* _Work order_:
Please copy each line in the records below that contains the string "drawing".

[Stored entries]

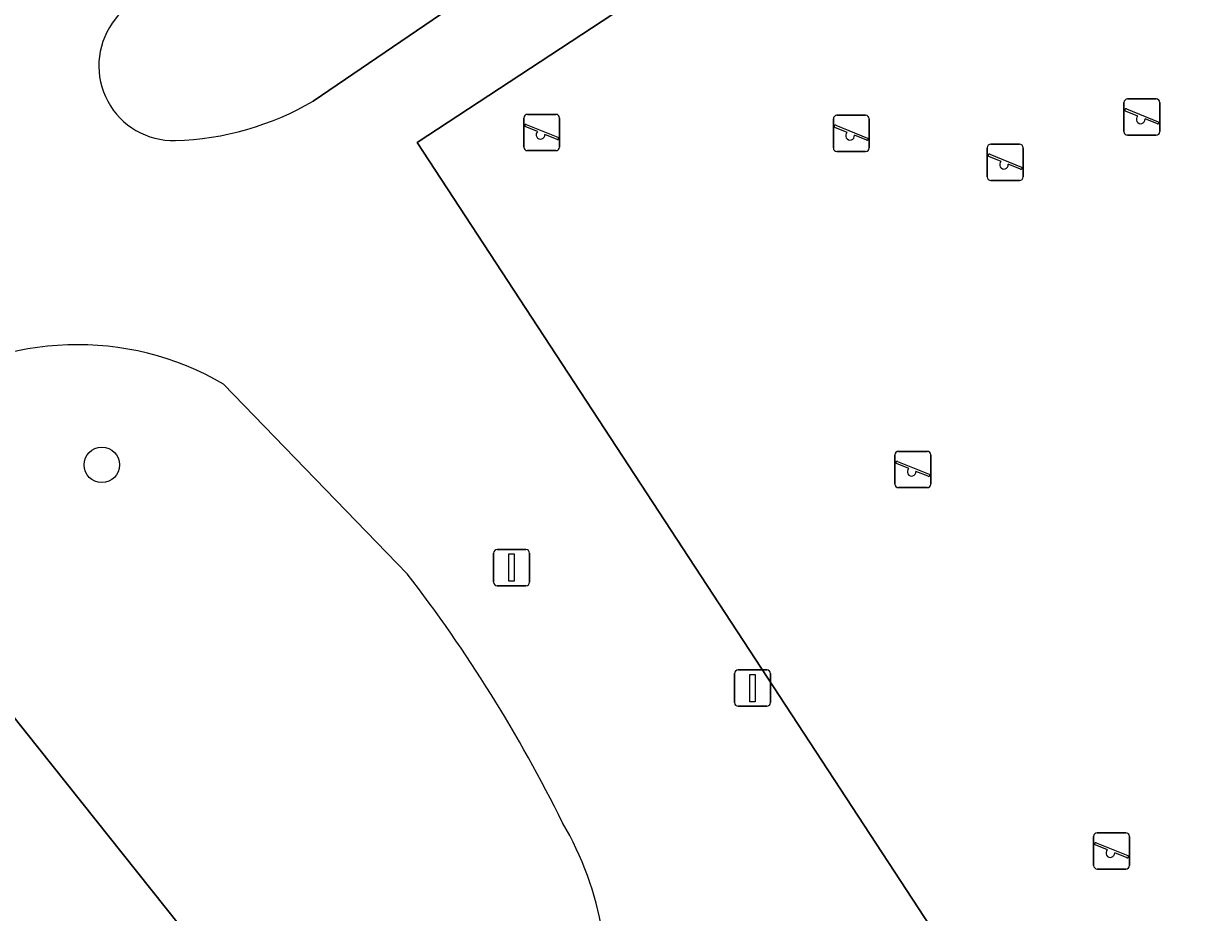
# Model space of a CAD drawing. Extents: x 158352 to 159489, y 383828 to 384603.
# Drawn here: x 158438.72 to 158470.7, y 384241.15 to 384265.67 of the extents above; entities that cross this region are included whole.
import ezdxf

# ---------------------------------------------------------------- set-up
doc = ezdxf.new("R2010")
doc.units = 0
for name, color, linetype in [('IMGEO_Boom', 7, 'Continuous'), ('IMGEO_Groenvoorziening', 7, 'Continuous'), ('IMGEO_Lichtmast', 7, 'Continuous'), ('IMGEO_Loofbos', 7, 'Continuous'), ('IMGEO_Meer_plas_ven_vijver', 7, 'Continuous'), ('IMGEO_Speelvoorziening', 7, 'Continuous'), ('IMGEO_Terreindeel_gesloten', 7, 'Continuous')]:
    doc.layers.add(name, color=color, linetype=linetype)

msp = doc.modelspace()

# ---------------------------------------------------------------- linework, layer by layer
at = {"layer": 'IMGEO_Boom'}
msp.add_circle((158440.889, 384253.495), 0.489, dxfattribs=at)
at = {"layer": 'IMGEO_Groenvoorziening'}
for points in [[(158446.72, 384263.523), (158454.631, 384268.914), (158463.481, 384274.95)], [(158463.481, 384274.95), (158454.631, 384268.914), (158446.72, 384263.523)], [(158444.246, 384255.722), (158449.312, 384250.492)]]:
    msp.add_lwpolyline(points, dxfattribs=at)
msp.add_lwpolyline([(158485.58, 384244.531), (158468.579, 384233.386), (158449.591, 384262.378), (158466.581, 384273.526)], close=True, dxfattribs=at)
for centre, radius, start, end in [((158455.426, 384255.502), 17.503, 119.7174, 144.4839), ((158455.426, 384255.502), 17.503, 119.7174, 144.4839), ((158442.862, 384264.491), 2.055, 144.9761, 271.5746), ((158442.862, 384264.491), 2.055, 144.9761, 271.5746), ((158442.683, 384270.457), 8.024, 271.6767, 300.2062), ((158442.683, 384270.457), 8.024, 271.6767, 300.2062), ((158440.22, 384248.811), 7.998, 59.7784, 124.1112), ((158417.337, 384225.756), 40.426, 26.2372, 37.7255), ((158446.158, 384239.228), 8.644, 348.1746, 30.5964)]:
    msp.add_arc(centre, radius, start, end, dxfattribs=at)
at = {"layer": 'IMGEO_Lichtmast'}
for p, q in [((158451.697, 384250.264), (158451.697, 384251.064)), ((158451.697, 384251.064), (158451.697, 384250.264)), ((158451.797, 384251.164), (158452.587, 384251.164)), ((158452.587, 384251.164), (158451.797, 384251.164)), ((158452.687, 384251.064), (158452.687, 384250.264)), ((158452.687, 384250.264), (158452.687, 384251.064)), ((158452.587, 384250.164), (158451.797, 384250.164)), ((158451.797, 384250.164), (158452.587, 384250.164)), ((158458.442, 384247.842), (158459.232, 384247.842)), ((158459.232, 384247.842), (158458.442, 384247.842)), ((158458.342, 384246.942), (158458.342, 384247.742)), ((158458.342, 384247.742), (158458.342, 384246.942)), ((158459.332, 384247.742), (158459.332, 384246.942)), ((158459.332, 384246.942), (158459.332, 384247.742)), ((158459.232, 384246.842), (158458.442, 384246.842)), ((158458.442, 384246.842), (158459.232, 384246.842))]:
    msp.add_line(p, q, dxfattribs=at)
for points in [[(158452.117, 384251.039), (158452.267, 384251.039), (158452.267, 384250.289), (158452.117, 384250.289), (158452.117, 384251.039)], [(158458.762, 384247.717), (158458.912, 384247.717), (158458.912, 384246.967), (158458.762, 384246.967), (158458.762, 384247.717)]]:
    msp.add_lwpolyline(points, dxfattribs=at)
for centre, start, end in [((158451.797, 384251.064), 90, 180), ((158451.797, 384251.064), 90, 180), ((158452.587, 384251.064), 0, 90), ((158452.587, 384251.064), 360, 90), ((158451.797, 384250.264), 180, 270), ((158451.797, 384250.264), 180, 270), ((158452.587, 384250.264), 270, 0), ((158452.587, 384250.264), 270, 0), ((158458.442, 384247.742), 90, 180), ((158458.442, 384247.742), 90, 180), ((158459.232, 384247.742), 0, 90), ((158459.232, 384247.742), 360, 90), ((158458.442, 384246.942), 180, 270), ((158458.442, 384246.942), 180, 270), ((158459.232, 384246.942), 270, 0), ((158459.232, 384246.942), 270, 0)]:
    msp.add_arc(centre, 0.1, start, end, dxfattribs=at)
at = {"layer": 'IMGEO_Loofbos'}
msp.add_lwpolyline([(158459.374, 384220.289), (158434.473, 384251.544)], dxfattribs=at)
at = {"layer": 'IMGEO_Meer_plas_ven_vijver'}
for points in [[(158449.312, 384250.492), (158444.246, 384255.722)], [(158434.473, 384251.544), (158459.374, 384220.289)]]:
    msp.add_lwpolyline(points, dxfattribs=at)
for centre, radius, start, end in [((158440.22, 384248.811), 7.998, 59.7784, 124.1112), ((158417.337, 384225.756), 40.426, 26.2372, 37.7255), ((158446.158, 384239.228), 8.644, 348.1746, 30.5964)]:
    msp.add_arc(centre, radius, start, end, dxfattribs=at)
at = {"layer": 'IMGEO_Speelvoorziening'}
for p, q in [((158469.181, 384263.581), (158469.971, 384263.581)), ((158469.971, 384263.581), (158469.181, 384263.581)), ((158469.081, 384262.681), (158469.081, 384263.481)), ((158469.081, 384263.481), (158469.081, 384262.681)), ((158469.464, 384263.109), (158469.125, 384263.246)), ((158469.15, 384263.306), (158470.026, 384262.953)), ((158470.071, 384263.481), (158470.071, 384262.681)), ((158470.071, 384262.681), (158470.071, 384263.481)), ((158452.526, 384262.257), (158452.526, 384263.057)), ((158452.526, 384263.057), (158452.526, 384262.257)), ((158452.595, 384262.882), (158453.471, 384262.529)), ((158452.626, 384263.157), (158453.416, 384263.157)), ((158453.416, 384263.157), (158452.626, 384263.157)), ((158453.516, 384263.057), (158453.516, 384262.257)), ((158453.516, 384262.257), (158453.516, 384263.057)), ((158461.066, 384262.232), (158461.066, 384263.032)), ((158461.066, 384263.032), (158461.066, 384262.232)), ((158461.135, 384262.857), (158462.011, 384262.504)), ((158461.166, 384263.132), (158461.956, 384263.132)), ((158461.956, 384263.132), (158461.166, 384263.132)), ((158462.056, 384263.032), (158462.056, 384262.232)), ((158462.056, 384262.232), (158462.056, 384263.032)), ((158470.002, 384262.893), (158469.662, 384263.03)), ((158452.909, 384262.685), (158452.57, 384262.822)), ((158453.447, 384262.469), (158453.107, 384262.606)), ((158461.449, 384262.66), (158461.11, 384262.797)), ((158461.987, 384262.444), (158461.647, 384262.581)), ((158469.971, 384262.581), (158469.181, 384262.581)), ((158469.181, 384262.581), (158469.971, 384262.581)), ((158465.31, 384261.433), (158465.31, 384262.233)), ((158465.31, 384262.233), (158465.31, 384261.433)), ((158465.41, 384262.333), (158466.2, 384262.333)), ((158466.2, 384262.333), (158465.41, 384262.333)), ((158466.3, 384262.233), (158466.3, 384261.433)), ((158466.3, 384261.433), (158466.3, 384262.233)), ((158453.416, 384262.157), (158452.626, 384262.157)), ((158452.626, 384262.157), (158453.416, 384262.157)), ((158461.956, 384262.132), (158461.166, 384262.132)), ((158461.166, 384262.132), (158461.956, 384262.132)), ((158465.693, 384261.861), (158465.354, 384261.998)), ((158465.379, 384262.058), (158466.255, 384261.705)), ((158466.231, 384261.645), (158465.891, 384261.782)), ((158466.2, 384261.333), (158465.41, 384261.333)), ((158465.41, 384261.333), (158466.2, 384261.333)), ((158462.763, 384252.968), (158462.763, 384253.768)), ((158462.763, 384253.768), (158462.763, 384252.968)), ((158462.832, 384253.593), (158463.708, 384253.24)), ((158462.863, 384253.868), (158463.653, 384253.868)), ((158463.653, 384253.868), (158462.863, 384253.868)), ((158463.753, 384253.768), (158463.753, 384252.968)), ((158463.753, 384252.968), (158463.753, 384253.768)), ((158463.146, 384253.396), (158462.807, 384253.533)), ((158463.684, 384253.18), (158463.344, 384253.317)), ((158463.653, 384252.868), (158462.863, 384252.868)), ((158462.863, 384252.868), (158463.653, 384252.868)), ((158468.344, 384243.356), (158469.134, 384243.356)), ((158469.134, 384243.356), (158468.344, 384243.356)), ((158468.244, 384242.456), (158468.244, 384243.256)), ((158468.244, 384243.256), (158468.244, 384242.456)), ((158468.313, 384243.081), (158469.189, 384242.728)), ((158469.234, 384243.256), (158469.234, 384242.456)), ((158469.234, 384242.456), (158469.234, 384243.256)), ((158468.627, 384242.884), (158468.288, 384243.021)), ((158469.165, 384242.668), (158468.825, 384242.805)), ((158469.134, 384242.356), (158468.344, 384242.356)), ((158468.344, 384242.356), (158469.134, 384242.356))]:
    msp.add_line(p, q, dxfattribs=at)
for centre, radius, start, end in [((158469.181, 384263.481), 0.1, 90, 180), ((158469.181, 384263.481), 0.1, 90, 180), ((158469.971, 384263.481), 0.1, 0, 90), ((158469.971, 384263.481), 0.1, 360, 90), ((158469.138, 384263.276), 0.0327, 68.078, 248.078), ((158452.626, 384263.057), 0.1, 90, 180), ((158452.626, 384263.057), 0.1, 90, 180), ((158452.583, 384262.852), 0.0327, 68.078, 248.078), ((158453.416, 384263.057), 0.1, 0, 90), ((158453.416, 384263.057), 0.1, 360, 90), ((158461.166, 384263.032), 0.1, 90, 180), ((158461.166, 384263.032), 0.1, 90, 180), ((158461.123, 384262.827), 0.0327, 68.078, 248.078), ((158461.956, 384263.032), 0.1, 0, 90), ((158461.956, 384263.032), 0.1, 360, 90), ((158469.543, 384263.019), 0.12, 130.9928, 5.1632), ((158470.014, 384262.923), 0.0327, 248.078, 68.078), ((158452.988, 384262.595), 0.12, 130.9928, 5.1632), ((158461.528, 384262.57), 0.12, 130.9928, 5.1632), ((158469.181, 384262.681), 0.1, 180, 270), ((158469.181, 384262.681), 0.1, 180, 270), ((158469.971, 384262.681), 0.1, 270, 0), ((158469.971, 384262.681), 0.1, 270, 0), ((158452.626, 384262.257), 0.1, 180, 270), ((158452.626, 384262.257), 0.1, 180, 270), ((158453.416, 384262.257), 0.1, 270, 0), ((158453.416, 384262.257), 0.1, 270, 0), ((158453.459, 384262.499), 0.0327, 248.078, 68.078), ((158461.166, 384262.232), 0.1, 180, 270), ((158461.166, 384262.232), 0.1, 180, 270), ((158461.956, 384262.232), 0.1, 270, 0), ((158461.956, 384262.232), 0.1, 270, 0), ((158461.999, 384262.474), 0.0327, 248.078, 68.078), ((158465.41, 384262.233), 0.1, 90, 180), ((158465.41, 384262.233), 0.1, 90, 180), ((158466.2, 384262.233), 0.1, 0, 90), ((158466.2, 384262.233), 0.1, 360, 90), ((158465.367, 384262.028), 0.0327, 68.078, 248.078), ((158465.772, 384261.771), 0.12, 130.9928, 5.1632), ((158466.243, 384261.675), 0.0327, 248.078, 68.078), ((158465.41, 384261.433), 0.1, 180, 270), ((158465.41, 384261.433), 0.1, 180, 270), ((158466.2, 384261.433), 0.1, 270, 0), ((158466.2, 384261.433), 0.1, 270, 0), ((158462.863, 384253.768), 0.1, 90, 180), ((158462.863, 384253.768), 0.1, 90, 180), ((158462.82, 384253.563), 0.0327, 68.078, 248.078), ((158463.653, 384253.768), 0.1, 0, 90), ((158463.653, 384253.768), 0.1, 360, 90), ((158463.225, 384253.306), 0.12, 130.9928, 5.1632), ((158462.863, 384252.968), 0.1, 180, 270), ((158462.863, 384252.968), 0.1, 180, 270), ((158463.653, 384252.968), 0.1, 270, 0), ((158463.653, 384252.968), 0.1, 270, 0), ((158463.696, 384253.21), 0.0327, 248.078, 68.078), ((158468.344, 384243.256), 0.1, 90, 180), ((158468.344, 384243.256), 0.1, 90, 180), ((158469.134, 384243.256), 0.1, 0, 90), ((158469.134, 384243.256), 0.1, 360, 90), ((158468.301, 384243.051), 0.0327, 68.078, 248.078), ((158468.706, 384242.794), 0.12, 130.9928, 5.1632), ((158469.177, 384242.698), 0.0327, 248.078, 68.078), ((158468.344, 384242.456), 0.1, 180, 270), ((158468.344, 384242.456), 0.1, 180, 270), ((158469.134, 384242.456), 0.1, 270, 0), ((158469.134, 384242.456), 0.1, 270, 0)]:
    msp.add_arc(centre, radius, start, end, dxfattribs=at)
at = {"layer": 'IMGEO_Terreindeel_gesloten'}
msp.add_lwpolyline([(158485.58, 384244.531), (158466.581, 384273.526), (158449.591, 384262.378), (158468.579, 384233.386)], close=True, dxfattribs=at)

doc.saveas('drawing.dxf')

* _Response to this exercise_:
# Model space of a CAD drawing. Extents: x 158352 to 159489, y 383828 to 384603.
doc.saveas('drawing.dxf')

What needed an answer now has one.